» **Description of the task**: Report how many lines in the following entries contain "dxfattribs". Nothing else should be given.

--- Input data ---

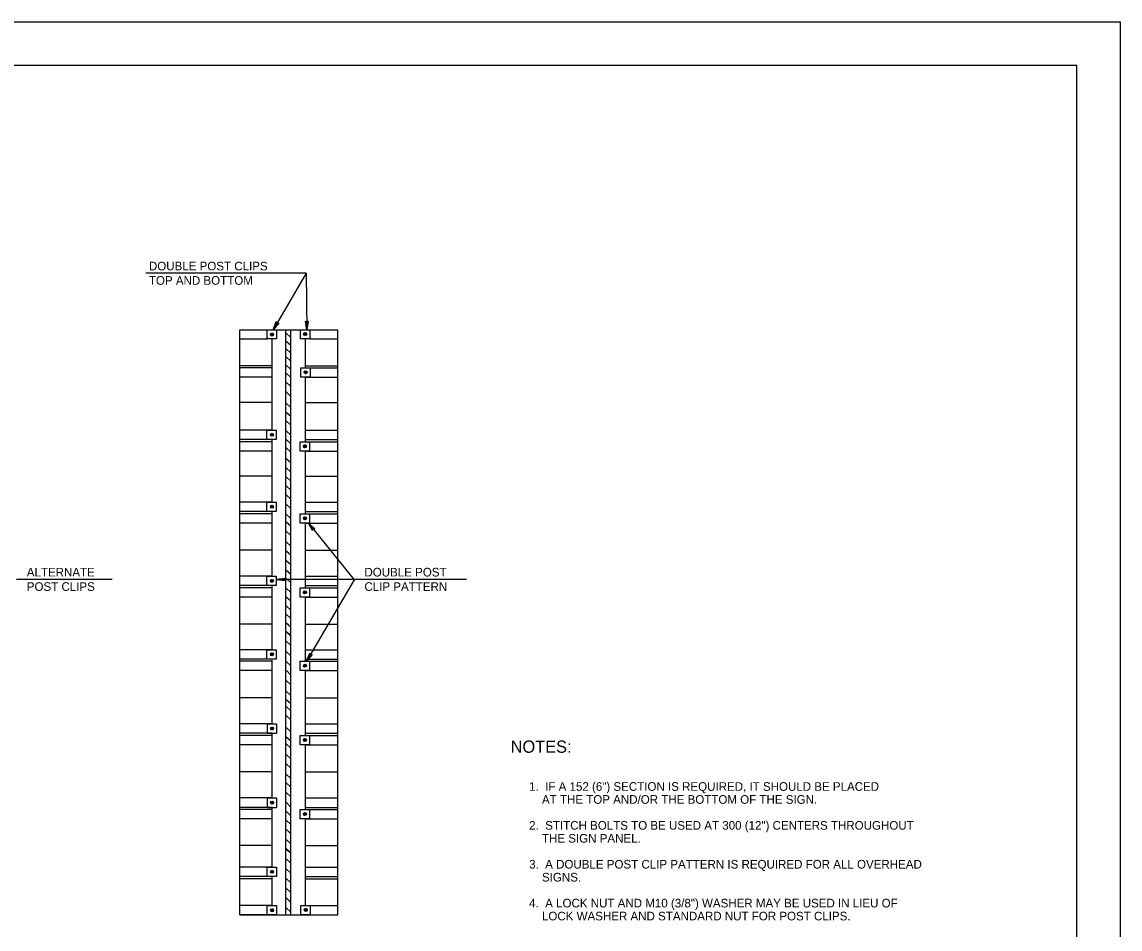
# Model space of a CAD drawing. Extents: x 647822 to 648727, y 298458 to 299646.
# Drawn here: x 648281.8 to 648663.3, y 299330.6 to 299645.6 of the extents above; entities that cross this region are included whole.
import ezdxf

# ---------------------------------------------------------------- set-up
doc = ezdxf.new("R2010")
doc.units = 0
for name, color, linetype in [('1', 7, 'Continuous'), ('2', 7, 'Continuous'), ('3', 7, 'Continuous'), ('XCS-GRID-MIN', 7, 'Continuous')]:
    doc.layers.add(name, color=color, linetype=linetype)

# ---------------------------------------------------------------- blocks, each defined once
blk = doc.blocks.new('RARROW')
at = {"layer": '3'}
blk.add_lwpolyline([(-2.2695, 0.285), (-2.184875, 0.12075), (0, 0), (-2.2695, 0.285), (-2.38575, 0.384625), (0, 0), (-2.183125, -0.108), (-2.262875, -0.2705), (0, 0), (-2.38575, -0.379125), (-2.262875, -0.2705)], dxfattribs=at)

msp = doc.modelspace()

# ---------------------------------------------------------------- linework, layer by layer
at = {"layer": '1'}
for p in [(647862.31, 299630.63), (648648.31, 299066.63)]:
    msp.add_line(p, (648648.31, 299630.63), dxfattribs=at)
at = {"layer": '2'}
for p, q in [((648380.55, 299558.35), (648324.89, 299558.35)), ((648380.55, 299558.35), (648369.05, 299538.73)), ((648380.55, 299558.35), (648380.8, 299538.73)), ((648357.55, 299335.47), (648357.55, 299538.73)), ((648357.55, 299538.73), (648391.55, 299538.73)), ((648367.05, 299535.6), (648367.05, 299538.73)), ((648370.3, 299538.73), (648370.3, 299535.6)), ((648373.55, 299335.47), (648373.55, 299538.73)), ((648375.18, 299535.98), (648373.55, 299537.6)), ((648375.18, 299335.47), (648375.18, 299538.73)), ((648378.55, 299538.73), (648381.8, 299538.73)), ((648378.55, 299535.6), (648378.55, 299538.73)), ((648381.8, 299538.73), (648381.8, 299535.6)), ((648391.55, 299335.47), (648391.55, 299538.73)), ((648357.55, 299535.6), (648367.05, 299535.6)), ((648370.3, 299535.6), (648367.05, 299535.6)), ((648368.8, 299503.85), (648368.8, 299535.6)), ((648375.18, 299533.23), (648373.55, 299534.73)), ((648381.8, 299535.6), (648378.55, 299535.6)), ((648380.3, 299525.48), (648380.3, 299535.6)), ((648381.8, 299535.6), (648391.55, 299535.6)), ((648375.18, 299530.6), (648373.55, 299532.23)), ((648368.8, 299526.23), (648357.55, 299526.23)), ((648375.18, 299527.85), (648373.55, 299529.48)), ((648375.18, 299524.98), (648373.55, 299526.6)), ((648380.3, 299526.23), (648391.55, 299526.23)), ((648368.8, 299525.48), (648357.55, 299525.48)), ((648368.8, 299522.23), (648357.55, 299522.23)), ((648375.18, 299522.1), (648373.55, 299523.73)), ((648378.68, 299525.48), (648381.93, 299525.48)), ((648378.68, 299522.23), (648378.68, 299525.48)), ((648381.93, 299522.23), (648378.68, 299522.23)), ((648380.3, 299525.48), (648391.55, 299525.48)), ((648380.3, 299525.48), (648380.3, 299525.48)), ((648380.3, 299522.23), (648391.55, 299522.23)), ((648380.3, 299499.85), (648380.3, 299522.23)), ((648381.93, 299525.48), (648381.93, 299522.23)), ((648375.18, 299518.98), (648373.55, 299520.6)), ((648375.18, 299515.6), (648373.55, 299517.23)), ((648368.8, 299513.48), (648357.55, 299513.48)), ((648375.18, 299511.73), (648373.55, 299513.35)), ((648380.3, 299513.48), (648391.55, 299513.48)), ((648375.18, 299508.6), (648373.55, 299510.1)), ((648375.18, 299505.6), (648373.55, 299507.23)), ((648368.8, 299503.85), (648357.55, 299503.85)), ((648366.93, 299503.85), (648370.18, 299503.85)), ((648366.93, 299500.6), (648366.93, 299503.85)), ((648370.18, 299503.85), (648370.18, 299500.6)), ((648375.18, 299502.1), (648373.55, 299503.73)), ((648380.3, 299503.85), (648391.55, 299503.85)), ((648368.8, 299500.6), (648357.55, 299500.6)), ((648368.8, 299499.85), (648357.55, 299499.85)), ((648370.18, 299500.6), (648366.93, 299500.6)), ((648368.8, 299478.85), (648368.8, 299500.6)), ((648375.18, 299499.1), (648373.55, 299500.73)), ((648378.43, 299499.85), (648381.68, 299499.85)), ((648378.43, 299496.6), (648378.43, 299499.85)), ((648380.3, 299500.6), (648391.55, 299500.6)), ((648380.3, 299499.85), (648391.55, 299499.85)), ((648381.68, 299499.85), (648381.68, 299496.6)), ((648368.8, 299496.6), (648357.55, 299496.6)), ((648375.18, 299496.23), (648373.55, 299497.85)), ((648381.68, 299496.6), (648378.43, 299496.6)), ((648380.3, 299496.6), (648391.55, 299496.6)), ((648380.3, 299474.85), (648380.3, 299496.6)), ((648375.18, 299492.48), (648373.55, 299493.98)), ((648368.8, 299487.85), (648357.55, 299487.85)), ((648375.18, 299489.23), (648373.55, 299490.85)), ((648380.3, 299487.85), (648391.55, 299487.85)), ((648375.18, 299486.1), (648373.55, 299487.73)), ((648375.18, 299482.98), (648373.55, 299484.6)), ((648375.18, 299479.85), (648373.55, 299481.48)), ((648368.8, 299478.85), (648357.55, 299478.85)), ((648366.93, 299478.85), (648370.18, 299478.85)), ((648366.93, 299475.6), (648366.93, 299478.85)), ((648370.18, 299478.85), (648370.18, 299475.6)), ((648375.18, 299476.6), (648373.55, 299478.23)), ((648380.3, 299478.85), (648391.55, 299478.85)), ((648368.8, 299475.6), (648357.55, 299475.6)), ((648368.8, 299474.85), (648357.55, 299474.85)), ((648370.18, 299475.6), (648366.93, 299475.6)), ((648368.8, 299453.47), (648368.8, 299475.6)), ((648375.18, 299473.23), (648373.55, 299474.85)), ((648378.43, 299474.85), (648381.68, 299474.85)), ((648378.43, 299471.6), (648378.43, 299474.85)), ((648380.3, 299475.6), (648391.55, 299475.6)), ((648380.3, 299474.85), (648391.55, 299474.85)), ((648381.68, 299474.85), (648381.68, 299471.6)), ((648368.8, 299471.6), (648357.55, 299471.6)), ((648375.18, 299470.48), (648373.55, 299471.98)), ((648375.18, 299467.23), (648373.55, 299468.85)), ((648381.68, 299471.6), (648378.43, 299471.6)), ((648380.3, 299471.6), (648391.55, 299471.6)), ((648380.3, 299449.36), (648380.3, 299471.6)), ((648381.32, 299471.6), (648397.18, 299451.85)), ((648375.18, 299463.6), (648373.55, 299465.23)), ((648368.8, 299462.23), (648357.55, 299462.23)), ((648375.18, 299460.48), (648373.55, 299461.98)), ((648380.3, 299462.23), (648391.55, 299462.23)), ((648375.18, 299457.1), (648373.55, 299458.6)), ((648375.18, 299453.73), (648373.55, 299455.23)), ((648313.17, 299451.98), (648279.88, 299451.98)), ((648368.8, 299453.1), (648357.55, 299453.1)), ((648368.8, 299449.85), (648357.55, 299449.85)), ((648366.93, 299453.1), (648370.18, 299453.1)), ((648366.93, 299449.85), (648366.93, 299453.1)), ((648370.18, 299449.85), (648366.93, 299449.85)), ((648368.55, 299453.1), (648368.55, 299453.1)), ((648368.8, 299427.6), (648368.8, 299449.85)), ((648370.18, 299453.1), (648370.18, 299449.85)), ((648397.43, 299451.98), (648370.3, 299451.98)), ((648375.18, 299450.85), (648373.55, 299452.48)), ((648380.3, 299453.1), (648391.55, 299453.1)), ((648380.3, 299449.85), (648391.55, 299449.85)), ((648397.18, 299451.85), (648380.71, 299423.6)), ((648436.31, 299451.98), (648397.18, 299451.98)), ((648368.8, 299449.1), (648357.55, 299449.1)), ((648368.8, 299445.85), (648357.55, 299445.85)), ((648375.18, 299447.48), (648373.55, 299449.1)), ((648375.18, 299444.48), (648373.55, 299445.98)), ((648378.43, 299449.1), (648381.68, 299449.1)), ((648378.43, 299445.85), (648378.43, 299449.1)), ((648381.68, 299445.85), (648378.43, 299445.85)), ((648380.05, 299449.1), (648380.05, 299449.1)), ((648380.3, 299449.1), (648391.55, 299449.1)), ((648380.3, 299445.85), (648391.55, 299445.85)), ((648380.3, 299423.6), (648380.3, 299445.85)), ((648381.68, 299449.1), (648381.68, 299445.85)), ((648375.18, 299441.35), (648373.55, 299442.98)), ((648375.18, 299438.48), (648373.55, 299440.1)), ((648368.8, 299436.48), (648357.55, 299436.48)), ((648375.18, 299435.48), (648373.55, 299436.98)), ((648380.3, 299436.48), (648391.55, 299436.48)), ((648375.05, 299432.48), (648373.55, 299433.98)), ((648375.18, 299432.48), (648373.55, 299433.98)), ((648375.18, 299429.1), (648373.55, 299430.73)), ((648368.68, 299427.6), (648357.43, 299427.6)), ((648366.93, 299427.6), (648370.18, 299427.6)), ((648366.93, 299424.35), (648366.93, 299427.6)), ((648368.55, 299427.6), (648368.55, 299427.6)), ((648370.18, 299427.6), (648370.18, 299424.35)), ((648375.18, 299425.48), (648373.55, 299427.1)), ((648380.3, 299427.6), (648391.55, 299427.6)), ((648368.68, 299424.35), (648357.43, 299424.35)), ((648368.68, 299423.6), (648357.43, 299423.6)), ((648370.18, 299424.35), (648366.93, 299424.35)), ((648368.8, 299401.85), (648368.8, 299424.02)), ((648375.18, 299421.98), (648373.55, 299423.6)), ((648378.43, 299423.6), (648381.68, 299423.6)), ((648378.43, 299420.35), (648378.43, 299423.6)), ((648380.05, 299423.6), (648380.05, 299423.6)), ((648380.3, 299424.35), (648391.55, 299424.35)), ((648380.3, 299423.6), (648391.55, 299423.6)), ((648381.68, 299423.6), (648381.68, 299420.35)), ((648368.68, 299420.35), (648357.43, 299420.35)), ((648375.18, 299418.73), (648373.68, 299420.35)), ((648381.68, 299420.35), (648378.43, 299420.35)), ((648380.3, 299420.35), (648391.55, 299420.35)), ((648380.3, 299397.85), (648380.3, 299420.27)), ((648375.18, 299415.35), (648373.55, 299416.98)), ((648375.18, 299411.73), (648373.55, 299413.35)), ((648368.8, 299410.85), (648357.55, 299410.85)), ((648375.18, 299408.85), (648373.55, 299410.35)), ((648375.18, 299406.35), (648373.55, 299407.98)), ((648380.3, 299410.85), (648391.55, 299410.85)), ((648375.18, 299403.23), (648373.55, 299404.85)), ((648368.8, 299401.85), (648357.55, 299401.85)), ((648367.18, 299401.85), (648370.3, 299401.85)), ((648367.18, 299398.6), (648367.18, 299401.85)), ((648368.8, 299401.85), (648368.8, 299401.85)), ((648370.3, 299401.85), (648370.3, 299398.6)), ((648375.18, 299399.1), (648373.55, 299400.73)), ((648380.3, 299401.85), (648391.55, 299401.85)), ((648368.8, 299398.6), (648357.55, 299398.6)), ((648368.8, 299397.85), (648357.55, 299397.85)), ((648368.8, 299398.6), (648367.18, 299398.6)), ((648367.18, 299398.6), (648370.3, 299398.6)), ((648368.8, 299376.1), (648368.8, 299398.6)), ((648375.18, 299395.85), (648373.55, 299397.35)), ((648378.43, 299397.85), (648381.68, 299397.85)), ((648378.43, 299394.6), (648378.43, 299397.85)), ((648380.05, 299397.85), (648380.05, 299397.85)), ((648380.3, 299398.6), (648391.55, 299398.6)), ((648380.3, 299397.85), (648391.55, 299397.85)), ((648381.68, 299397.85), (648381.68, 299394.6)), ((648368.8, 299394.6), (648357.55, 299394.6)), ((648375.18, 299393.35), (648373.55, 299394.98)), ((648381.68, 299394.6), (648378.43, 299394.6)), ((648380.3, 299394.6), (648391.55, 299394.6)), ((648380.3, 299372.1), (648380.3, 299394.6)), ((648375.18, 299389.73), (648373.55, 299391.35)), ((648368.8, 299385.23), (648357.55, 299385.23)), ((648375.18, 299386.48), (648373.55, 299388.1)), ((648380.3, 299385.23), (648391.55, 299385.23)), ((648375.18, 299382.85), (648373.55, 299384.48)), ((648375.18, 299379.85), (648373.55, 299381.48)), ((648375.18, 299376.48), (648373.55, 299378.1)), ((648368.8, 299376.1), (648357.55, 299376.1)), ((648367.18, 299376.1), (648370.3, 299376.1)), ((648367.18, 299372.85), (648367.18, 299376.1)), ((648368.8, 299376.1), (648368.8, 299376.1)), ((648370.3, 299376.1), (648370.3, 299372.85)), ((648375.05, 299373.1), (648373.55, 299374.73)), ((648380.3, 299376.1), (648391.55, 299376.1)), ((648368.8, 299372.85), (648357.55, 299372.85)), ((648368.8, 299372.1), (648357.55, 299372.1)), ((648368.8, 299372.85), (648367.18, 299372.85)), ((648367.18, 299372.85), (648370.3, 299372.85)), ((648368.8, 299352.1), (648368.8, 299372.85)), ((648375.05, 299370.1), (648373.55, 299371.6)), ((648378.43, 299372.1), (648381.68, 299372.1)), ((648378.43, 299368.85), (648378.43, 299372.1)), ((648380.3, 299372.85), (648391.55, 299372.85)), ((648380.3, 299372.1), (648391.55, 299372.1)), ((648381.68, 299372.1), (648381.68, 299368.85)), ((648368.8, 299368.85), (648357.55, 299368.85)), ((648375.18, 299366.85), (648373.55, 299368.48)), ((648381.68, 299368.85), (648378.43, 299368.85)), ((648380.3, 299368.85), (648391.55, 299368.85)), ((648380.3, 299348.05), (648380.3, 299368.85)), ((648375.18, 299363.6), (648373.68, 299365.1)), ((648368.8, 299359.6), (648357.55, 299359.6)), ((648375.18, 299360.23), (648373.55, 299361.85)), ((648375.18, 299360.23), (648373.55, 299361.85)), ((648375.05, 299357.23), (648373.55, 299358.73)), ((648375.18, 299356.83), (648373.55, 299358.46)), ((648380.3, 299359.6), (648391.55, 299359.6)), ((648375.18, 299353.44), (648373.55, 299355.06)), ((648368.68, 299352.1), (648357.55, 299352.1)), ((648367.05, 299352.1), (648370.3, 299352.1)), ((648367.05, 299348.85), (648367.05, 299352.1)), ((648370.3, 299352.1), (648370.3, 299348.85)), ((648375.18, 299350.04), (648373.55, 299351.67)), ((648380.43, 299352.1), (648391.55, 299352.1)), ((648368.68, 299348.85), (648357.55, 299348.85)), ((648368.8, 299348.05), (648357.55, 299348.05)), ((648370.3, 299348.85), (648367.05, 299348.85)), ((648368.8, 299338.72), (648368.8, 299348.85)), ((648375.18, 299346.65), (648373.55, 299348.28)), ((648380.3, 299348.85), (648391.55, 299348.85)), ((648380.3, 299338.72), (648380.3, 299348.05)), ((648380.3, 299348.05), (648391.55, 299348.05)), ((648375.18, 299343.26), (648373.55, 299344.88)), ((648375.18, 299339.86), (648373.55, 299341.49)), ((648368.68, 299338.72), (648357.55, 299338.72)), ((648357.55, 299335.47), (648391.55, 299335.47)), ((648368.68, 299335.47), (648357.55, 299335.47)), ((648367.05, 299338.72), (648370.3, 299338.72)), ((648367.05, 299335.47), (648367.05, 299338.72)), ((648370.3, 299335.47), (648367.05, 299335.47)), ((648370.3, 299338.72), (648370.3, 299335.47)), ((648375.18, 299336.47), (648373.55, 299338.09)), ((648378.68, 299338.72), (648381.93, 299338.72)), ((648378.68, 299335.47), (648378.68, 299338.72)), ((648381.93, 299335.47), (648378.68, 299335.47)), ((648380.43, 299338.72), (648391.55, 299338.72)), ((648380.43, 299335.47), (648391.55, 299335.47)), ((648381.93, 299338.72), (648381.93, 299335.47))]:
    msp.add_line(p, q, dxfattribs=at)
for points in [[(648368.55, 299537.48), (648368.43, 299537.23), (648368.43, 299536.85), (648368.68, 299536.73), (648368.93, 299536.85), (648369.05, 299537.1), (648369.05, 299537.35), (648368.93, 299537.48), (648368.68, 299537.48), (648368.55, 299537.23), (648368.55, 299537.1), (648368.55, 299536.98), (648368.68, 299536.98), (648368.8, 299537.1), (648368.93, 299537.23), (648368.8, 299537.35), (648368.8, 299537.23), (648368.68, 299537.1)], [(648380.05, 299537.6), (648379.93, 299537.23), (648379.93, 299536.98), (648380.18, 299536.85), (648380.43, 299536.98), (648380.55, 299537.23), (648380.55, 299537.48), (648380.43, 299537.6), (648380.18, 299537.48), (648380.05, 299537.23), (648380.05, 299537.1), (648380.05, 299537.1), (648380.18, 299536.98), (648380.3, 299537.23), (648380.43, 299537.23), (648380.3, 299537.48), (648380.3, 299537.35), (648380.18, 299537.1)], [(648380.18, 299524.35), (648380.05, 299523.98), (648380.05, 299523.73), (648380.3, 299523.48), (648380.55, 299523.6), (648380.68, 299523.85), (648380.68, 299524.1), (648380.55, 299524.35), (648380.43, 299524.23), (648380.18, 299523.98), (648380.18, 299523.85), (648380.18, 299523.73), (648380.3, 299523.73), (648380.43, 299523.85), (648380.55, 299523.98), (648380.55, 299524.1), (648380.43, 299523.98), (648380.3, 299523.85)], [(648368.55, 299502.6), (648368.3, 299502.35), (648368.3, 299501.98), (648368.55, 299501.85), (648368.8, 299501.98), (648368.93, 299502.23), (648368.93, 299502.48), (648368.8, 299502.6), (648368.68, 299502.6), (648368.43, 299502.35), (648368.43, 299502.23), (648368.43, 299502.1), (648368.68, 299502.1), (648368.8, 299502.23), (648368.8, 299502.35), (648368.8, 299502.48), (648368.68, 299502.35), (648368.55, 299502.23)], [(648380.05, 299498.6), (648379.8, 299498.35), (648379.8, 299497.98), (648380.05, 299497.85), (648380.3, 299497.98), (648380.43, 299498.23), (648380.43, 299498.48), (648380.3, 299498.6), (648380.18, 299498.6), (648379.93, 299498.35), (648379.93, 299498.23), (648379.93, 299498.1), (648380.18, 299498.1), (648380.3, 299498.23), (648380.3, 299498.35), (648380.3, 299498.48), (648380.18, 299498.35), (648380.05, 299498.23)], [(648368.55, 299477.6), (648368.3, 299477.35), (648368.3, 299476.98), (648368.55, 299476.85), (648368.8, 299476.98), (648368.93, 299477.23), (648368.93, 299477.48), (648368.8, 299477.6), (648368.68, 299477.6), (648368.43, 299477.35), (648368.43, 299477.23), (648368.43, 299477.1), (648368.68, 299477.1), (648368.8, 299477.23), (648368.8, 299477.35), (648368.8, 299477.48), (648368.68, 299477.35), (648368.55, 299477.23)], [(648380.05, 299473.6), (648379.8, 299473.35), (648379.8, 299472.98), (648380.05, 299472.85), (648380.3, 299472.98), (648380.43, 299473.23), (648380.43, 299473.48), (648380.3, 299473.6), (648380.18, 299473.6), (648379.93, 299473.35), (648379.93, 299473.23), (648379.93, 299473.1), (648380.18, 299473.1), (648380.3, 299473.23), (648380.3, 299473.35), (648380.3, 299473.48), (648380.18, 299473.35), (648380.05, 299473.23)], [(648368.55, 299451.85), (648368.3, 299451.6), (648368.3, 299451.23), (648368.55, 299451.1), (648368.8, 299451.23), (648368.93, 299451.48), (648368.93, 299451.73), (648368.8, 299451.85), (648368.68, 299451.85), (648368.43, 299451.6), (648368.43, 299451.48), (648368.43, 299451.35), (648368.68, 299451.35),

---

» **Reply to the exercise**: 3